1653,1318.50,1430.77,1416.70,1511.34,1521.92,1592.93,1564.26,1622.32,1380.09,1495.72,1463.68,1593.28,1693.69,1764.16,1672.62,1708.25
1654,1305.86,1454.11,1456.97,1503.85,1560.79,1621.88,1616.66,1700.77,1401.63,1501.58,1482.16,1603.56,1624.81,1783.99,1703.29,1729.76
1655,1323.12,1434.98,1461.65,1512.29,1592.01,1680.66,1615.69,1741.42,1390.74,1502.82,1452.75,1585.62,1696.20,1828.68,1772.65,1797.14
1656,1342.88,1467.89,1493.99,1537.21,1679.26,1716.60,1658.15,1743.51,1419.00,1531.70,1500.87,1621.57,1725.63,1820.82,1754.97,1795.76


## 8. Conclusion
I've successfully built and compared three different multi-output regression models for supply chain prediction. The models show varying performance across different targets, with some targets being predicted more accurately than others. 

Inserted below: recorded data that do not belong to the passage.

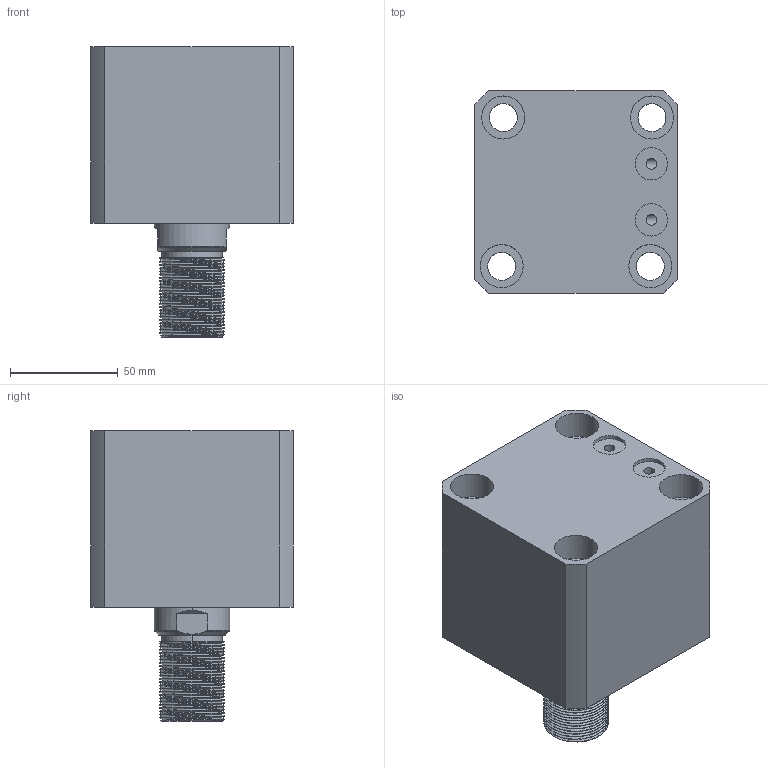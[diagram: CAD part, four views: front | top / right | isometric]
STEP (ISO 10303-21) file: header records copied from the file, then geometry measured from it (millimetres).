
FILE_DESCRIPTION (( 'STEP AP214' ), '1' );
FILE_NAME ('chtb-sdmb63x15w_asm.STEP', '2018-05-18T10:58:50', ( 'Windows' ), ( 'Microsoft' ), 'SwSTEP 2.0', 'SolidWorks 2015', '' );
FILE_SCHEMA (( 'AUTOMOTIVE_DESIGN' ));
Length unit declared in the file: millimetre
Products named in the file (4): CHTB-SDMB63X15NBT; CHTB63X15WHSG; CHTB-63QG; chtb-sdmb63x15w_asm
Assembly tree (3 placements, depth 2):
  chtb-sdmb63x15w_asm
    CHTB-63QG
    CHTB63X15WHSG
    CHTB-SDMB63X15NBT
Bounding box: 94 x 94 x 135 mm (x, y, z)
Volume: 660615.1 mm3; surface area: 120431 mm2
Topology: 3 solids, 3 shells, 218 faces, 628 edges, 427 vertices
Faces by surface type: cylinder 156, plane 33, bspline 14, cone 9, torus 6
Entity records: 22278 total; most frequent: CARTESIAN_POINT 17042, ORIENTED_EDGE 1248, DIRECTION 869, EDGE_CURVE 624, VERTEX_POINT 427, AXIS2_PLACEMENT_3D 339, EDGE_LOOP 251, ADVANCED_FACE 218
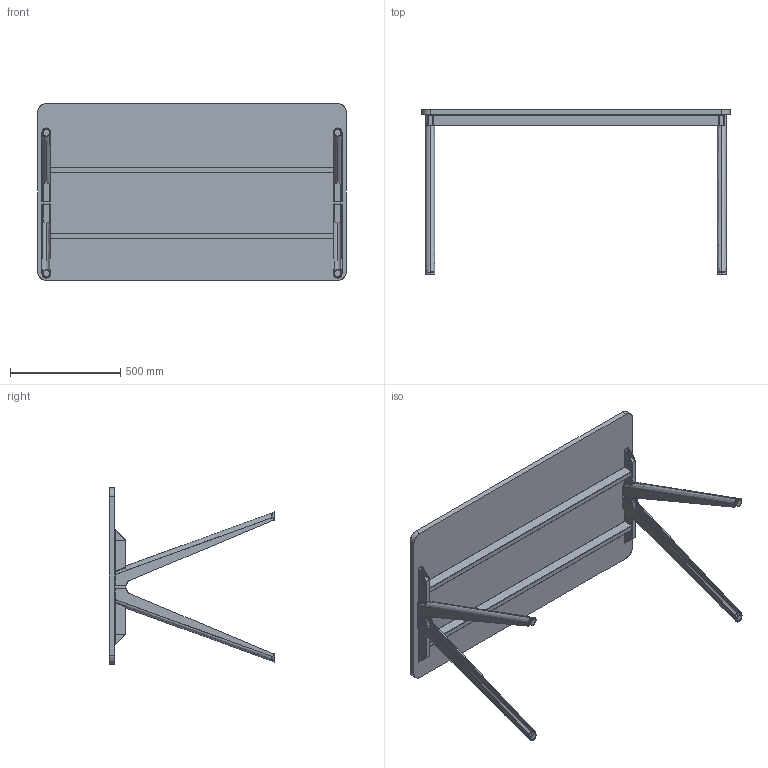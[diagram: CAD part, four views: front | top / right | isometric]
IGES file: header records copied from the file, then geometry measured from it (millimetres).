
Start section: SolidWorks IGES file using analytic representation for surfaces
Global section: file name: C:\Users\simone.cerana\OneDrive - Gruppo Tecno\Desktop\CHINA\DISEGNI DI SERIE\ASSIEMI LISTINO\HORIZON LISTINO\HO1408ST.IGS; native system: SolidWorks 2024; preprocessor: SolidWorks 2024; author: simone.cerana; date: 260508.124158; units: millimetre
Bounding box: 1400 x 749.83 x 800 mm (x, y, z)
Surface area: 3501173.6 mm2 (no closed solid volume)
Topology: 0 solids, 0 shells, 252 faces, 3496 edges, 3496 vertices
Faces by surface type: bspline 166, revolution 86

Best Performing Model: XGBoost
- Overall R² Score: 0.7684
- Followed by LightGBM (0.7650) and Random Forest (0.7463)

Key Findings:

1. Model Performance by Target Groups:
   - Strong Predictions (R² > 0.80):
     * Near-term targets (LBL, MTLp2)
     * Later-term targets (MTLp13-MTLp16)
     * All models performed exceptionally well on LBL with XGBoost reaching R² = 0.8495

   - Moderate Predictions (0.70 < R² < 0.80):
     * Mid-term targets (MTLp3, MTLp4)
     * MTLp9-MTLp12
     * Consistent performance across all models

   - Challenging Predictions (R² < 0.70):
     * MTLp5-MTLp8
     * Particularly MTLp8 showing lowest performance (R² ≈ 0.50) across all models

2. Model Comparison:
   - XGBoost showed superior performance in overall R² and most individual targets
   - LightGBM performed slightly better than XGBoost on some specific targets (e.g., LBL)
   - Random Forest, while still good, consistently ranked third in performance

3. RMSE Analysis:
   - Lower RMSE values for near-term predictions
   - Higher RMSE values for mid-range predictions (MTLp5-MTLp8)
   - RMSE increases with prediction horizon, suggesting growing uncertainty

Recommendations:
1. Use XGBoost as the primary model for this supply chain prediction task
2. Consider ensemble methods for MTLp5-MTLp8 to improve performance
3. Implement feature engineering or selection to enhance predictions for weaker targets
4. Consider collecting additional relevant features for MTLp5-MTLp8 predictions

Future Improvements:
1. Hyperparameter tuning for each model
2. Feature importance analysis to understand key drivers
3. Develop specialized models for the challenging prediction windows
4. Implement stacking or blending of models for improved performance

The models demonstrate strong predictive capability overall, with particular strength in near-term and long-term predictions, while showing room for improvement in mid-term forecasting.